YOUR ASSIGNMENT | The answer must be the full listing, reproduced without any change.

INFORMATION |
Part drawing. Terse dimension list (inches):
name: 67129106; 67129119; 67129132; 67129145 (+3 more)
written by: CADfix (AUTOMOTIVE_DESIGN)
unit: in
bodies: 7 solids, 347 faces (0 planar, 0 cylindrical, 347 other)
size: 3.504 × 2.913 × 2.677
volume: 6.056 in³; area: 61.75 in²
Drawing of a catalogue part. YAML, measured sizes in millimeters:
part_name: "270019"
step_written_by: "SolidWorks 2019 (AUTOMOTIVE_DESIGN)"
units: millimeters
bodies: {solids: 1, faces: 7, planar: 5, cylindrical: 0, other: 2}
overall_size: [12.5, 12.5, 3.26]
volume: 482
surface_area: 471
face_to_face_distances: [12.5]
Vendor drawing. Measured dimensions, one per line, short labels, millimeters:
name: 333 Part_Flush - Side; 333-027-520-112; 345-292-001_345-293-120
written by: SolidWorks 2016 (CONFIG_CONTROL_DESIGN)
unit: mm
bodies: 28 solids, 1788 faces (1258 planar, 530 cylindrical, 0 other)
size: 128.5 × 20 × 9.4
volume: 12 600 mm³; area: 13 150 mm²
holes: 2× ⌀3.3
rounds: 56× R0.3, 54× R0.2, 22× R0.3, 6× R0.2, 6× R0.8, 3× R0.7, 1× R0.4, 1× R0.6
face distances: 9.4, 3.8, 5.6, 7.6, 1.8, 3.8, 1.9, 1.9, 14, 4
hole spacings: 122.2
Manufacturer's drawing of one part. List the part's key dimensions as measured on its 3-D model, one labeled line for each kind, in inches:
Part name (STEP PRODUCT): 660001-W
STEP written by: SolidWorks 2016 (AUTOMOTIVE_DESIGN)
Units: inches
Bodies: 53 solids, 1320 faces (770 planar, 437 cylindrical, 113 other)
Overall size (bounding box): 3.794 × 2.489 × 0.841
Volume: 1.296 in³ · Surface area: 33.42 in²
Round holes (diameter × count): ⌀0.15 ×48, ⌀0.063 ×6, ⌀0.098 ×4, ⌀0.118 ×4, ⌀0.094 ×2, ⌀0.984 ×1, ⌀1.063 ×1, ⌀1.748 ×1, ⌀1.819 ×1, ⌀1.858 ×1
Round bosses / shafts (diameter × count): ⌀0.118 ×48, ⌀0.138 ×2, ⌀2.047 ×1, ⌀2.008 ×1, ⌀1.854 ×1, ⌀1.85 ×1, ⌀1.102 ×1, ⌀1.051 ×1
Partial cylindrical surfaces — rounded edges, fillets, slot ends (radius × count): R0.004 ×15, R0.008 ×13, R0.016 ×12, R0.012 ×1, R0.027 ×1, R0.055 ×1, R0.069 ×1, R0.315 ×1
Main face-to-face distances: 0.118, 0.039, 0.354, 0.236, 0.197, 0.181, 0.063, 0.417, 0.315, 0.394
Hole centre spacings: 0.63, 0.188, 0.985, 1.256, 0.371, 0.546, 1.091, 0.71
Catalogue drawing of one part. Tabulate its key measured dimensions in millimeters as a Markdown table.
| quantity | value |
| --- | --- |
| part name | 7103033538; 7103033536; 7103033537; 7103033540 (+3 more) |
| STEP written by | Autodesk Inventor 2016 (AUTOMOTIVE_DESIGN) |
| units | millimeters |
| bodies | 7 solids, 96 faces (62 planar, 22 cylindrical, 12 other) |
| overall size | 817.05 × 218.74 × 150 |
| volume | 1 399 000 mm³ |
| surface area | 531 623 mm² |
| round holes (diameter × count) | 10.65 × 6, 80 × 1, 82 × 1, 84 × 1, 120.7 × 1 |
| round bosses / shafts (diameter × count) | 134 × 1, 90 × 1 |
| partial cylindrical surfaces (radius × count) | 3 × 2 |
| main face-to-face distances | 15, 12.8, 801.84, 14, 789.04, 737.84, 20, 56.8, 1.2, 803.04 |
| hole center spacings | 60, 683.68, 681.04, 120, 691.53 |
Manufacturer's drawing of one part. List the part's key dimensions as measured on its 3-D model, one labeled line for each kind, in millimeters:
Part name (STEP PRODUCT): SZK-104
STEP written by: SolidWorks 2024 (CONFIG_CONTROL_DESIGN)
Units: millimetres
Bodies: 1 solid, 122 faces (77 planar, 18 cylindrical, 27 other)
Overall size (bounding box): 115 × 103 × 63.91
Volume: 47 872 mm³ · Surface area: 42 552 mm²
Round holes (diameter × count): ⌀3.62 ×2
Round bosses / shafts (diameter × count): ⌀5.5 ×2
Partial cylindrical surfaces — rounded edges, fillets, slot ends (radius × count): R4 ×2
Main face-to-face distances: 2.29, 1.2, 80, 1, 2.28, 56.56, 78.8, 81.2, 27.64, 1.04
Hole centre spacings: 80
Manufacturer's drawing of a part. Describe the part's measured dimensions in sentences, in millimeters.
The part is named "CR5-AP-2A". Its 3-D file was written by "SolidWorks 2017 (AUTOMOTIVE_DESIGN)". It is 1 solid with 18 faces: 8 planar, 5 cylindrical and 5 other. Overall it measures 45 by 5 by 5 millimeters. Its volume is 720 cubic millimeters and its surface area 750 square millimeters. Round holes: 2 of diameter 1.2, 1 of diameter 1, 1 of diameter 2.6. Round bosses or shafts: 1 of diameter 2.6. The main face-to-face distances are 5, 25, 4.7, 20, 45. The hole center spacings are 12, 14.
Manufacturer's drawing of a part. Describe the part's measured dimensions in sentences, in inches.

ANSWER FOR THIS EXERCISE |
Part drawing. Terse dimension list (inches):
name: 67129106; 67129119; 67129132; 67129145 (+3 more)
written by: CADfix (AUTOMOTIVE_DESIGN)
unit: in
bodies: 7 solids, 347 faces (0 planar, 0 cylindrical, 347 other)
size: 3.504 × 2.913 × 2.677
volume: 6.056 in³; area: 61.75 in²
Drawing of a catalogue part. YAML, measured sizes in millimeters:
part_name: "270019"
step_written_by: "SolidWorks 2019 (AUTOMOTIVE_DESIGN)"
units: millimeters
bodies: {solids: 1, faces: 7, planar: 5, cylindrical: 0, other: 2}
overall_size: [12.5, 12.5, 3.26]
volume: 482
surface_area: 471
face_to_face_distances: [12.5]
Vendor drawing. Measured dimensions, one per line, short labels, millimeters:
name: 333 Part_Flush - Side; 333-027-520-112; 345-292-001_345-293-120
written by: SolidWorks 2016 (CONFIG_CONTROL_DESIGN)
unit: mm
bodies: 28 solids, 1788 faces (1258 planar, 530 cylindrical, 0 other)
size: 128.5 × 20 × 9.4
volume: 12 600 mm³; area: 13 150 mm²
holes: 2× ⌀3.3
rounds: 56× R0.3, 54× R0.2, 22× R0.3, 6× R0.2, 6× R0.8, 3× R0.7, 1× R0.4, 1× R0.6
face distances: 9.4, 3.8, 5.6, 7.6, 1.8, 3.8, 1.9, 1.9, 14, 4
hole spacings: 122.2
Manufacturer's drawing of one part. List the part's key dimensions as measured on its 3-D model, one labeled line for each kind, in inches:
Part name (STEP PRODUCT): 660001-W
STEP written by: SolidWorks 2016 (AUTOMOTIVE_DESIGN)
Units: inches
Bodies: 53 solids, 1320 faces (770 planar, 437 cylindrical, 113 other)
Overall size (bounding box): 3.794 × 2.489 × 0.841
Volume: 1.296 in³ · Surface area: 33.42 in²
Round holes (diameter × count): ⌀0.15 ×48, ⌀0.063 ×6, ⌀0.098 ×4, ⌀0.118 ×4, ⌀0.094 ×2, ⌀0.984 ×1, ⌀1.063 ×1, ⌀1.748 ×1, ⌀1.819 ×1, ⌀1.858 ×1
Round bosses / shafts (diameter × count): ⌀0.118 ×48, ⌀0.138 ×2, ⌀2.047 ×1, ⌀2.008 ×1, ⌀1.854 ×1, ⌀1.85 ×1, ⌀1.102 ×1, ⌀1.051 ×1
Partial cylindrical surfaces — rounded edges, fillets, slot ends (radius × count): R0.004 ×15, R0.008 ×13, R0.016 ×12, R0.012 ×1, R0.027 ×1, R0.055 ×1, R0.069 ×1, R0.315 ×1
Main face-to-face distances: 0.118, 0.039, 0.354, 0.236, 0.197, 0.181, 0.063, 0.417, 0.315, 0.394
Hole centre spacings: 0.63, 0.188, 0.985, 1.256, 0.371, 0.546, 1.091, 0.71
Catalogue drawing of one part. Tabulate its key measured dimensions in millimeters as a Markdown table.
| quantity | value |
| --- | --- |
| part name | 7103033538; 7103033536; 7103033537; 7103033540 (+3 more) |
| STEP written by | Autodesk Inventor 2016 (AUTOMOTIVE_DESIGN) |
| units | millimeters |
| bodies | 7 solids, 96 faces (62 planar, 22 cylindrical, 12 other) |
| overall size | 817.05 × 218.74 × 150 |
| volume | 1 399 000 mm³ |
| surface area | 531 623 mm² |
| round holes (diameter × count) | 10.65 × 6, 80 × 1, 82 × 1, 84 × 1, 120.7 × 1 |
| round bosses / shafts (diameter × count) | 134 × 1, 90 × 1 |
| partial cylindrical surfaces (radius × count) | 3 × 2 |
| main face-to-face distances | 15, 12.8, 801.84, 14, 789.04, 737.84, 20, 56.8, 1.2, 803.04 |
| hole center spacings | 60, 683.68, 681.04, 120, 691.53 |
Manufacturer's drawing of one part. List the part's key dimensions as measured on its 3-D model, one labeled line for each kind, in millimeters:
Part name (STEP PRODUCT): SZK-104
STEP written by: SolidWorks 2024 (CONFIG_CONTROL_DESIGN)
Units: millimetres
Bodies: 1 solid, 122 faces (77 planar, 18 cylindrical, 27 other)
Overall size (bounding box): 115 × 103 × 63.91
Volume: 47 872 mm³ · Surface area: 42 552 mm²
Round holes (diameter × count): ⌀3.62 ×2
Round bosses / shafts (diameter × count): ⌀5.5 ×2
Partial cylindrical surfaces — rounded edges, fillets, slot ends (radius × count): R4 ×2
Main face-to-face distances: 2.29, 1.2, 80, 1, 2.28, 56.56, 78.8, 81.2, 27.64, 1.04
Hole centre spacings: 80
Manufacturer's drawing of a part. Describe the part's measured dimensions in sentences, in millimeters.
The part is named "CR5-AP-2A". Its 3-D file was written by "SolidWorks 2017 (AUTOMOTIVE_DESIGN)". It is 1 solid with 18 faces: 8 planar, 5 cylindrical and 5 other. Overall it measures 45 by 5 by 5 millimeters. Its volume is 720 cubic millimeters and its surface area 750 square millimeters. Round holes: 2 of diameter 1.2, 1 of diameter 1, 1 of diameter 2.6. Round bosses or shafts: 1 of diameter 2.6. The main face-to-face distances are 5, 25, 4.7, 20, 45. The hole center spacings are 12, 14.
Manufacturer's drawing of a part. Describe the part's measured dimensions in sentences, in inches.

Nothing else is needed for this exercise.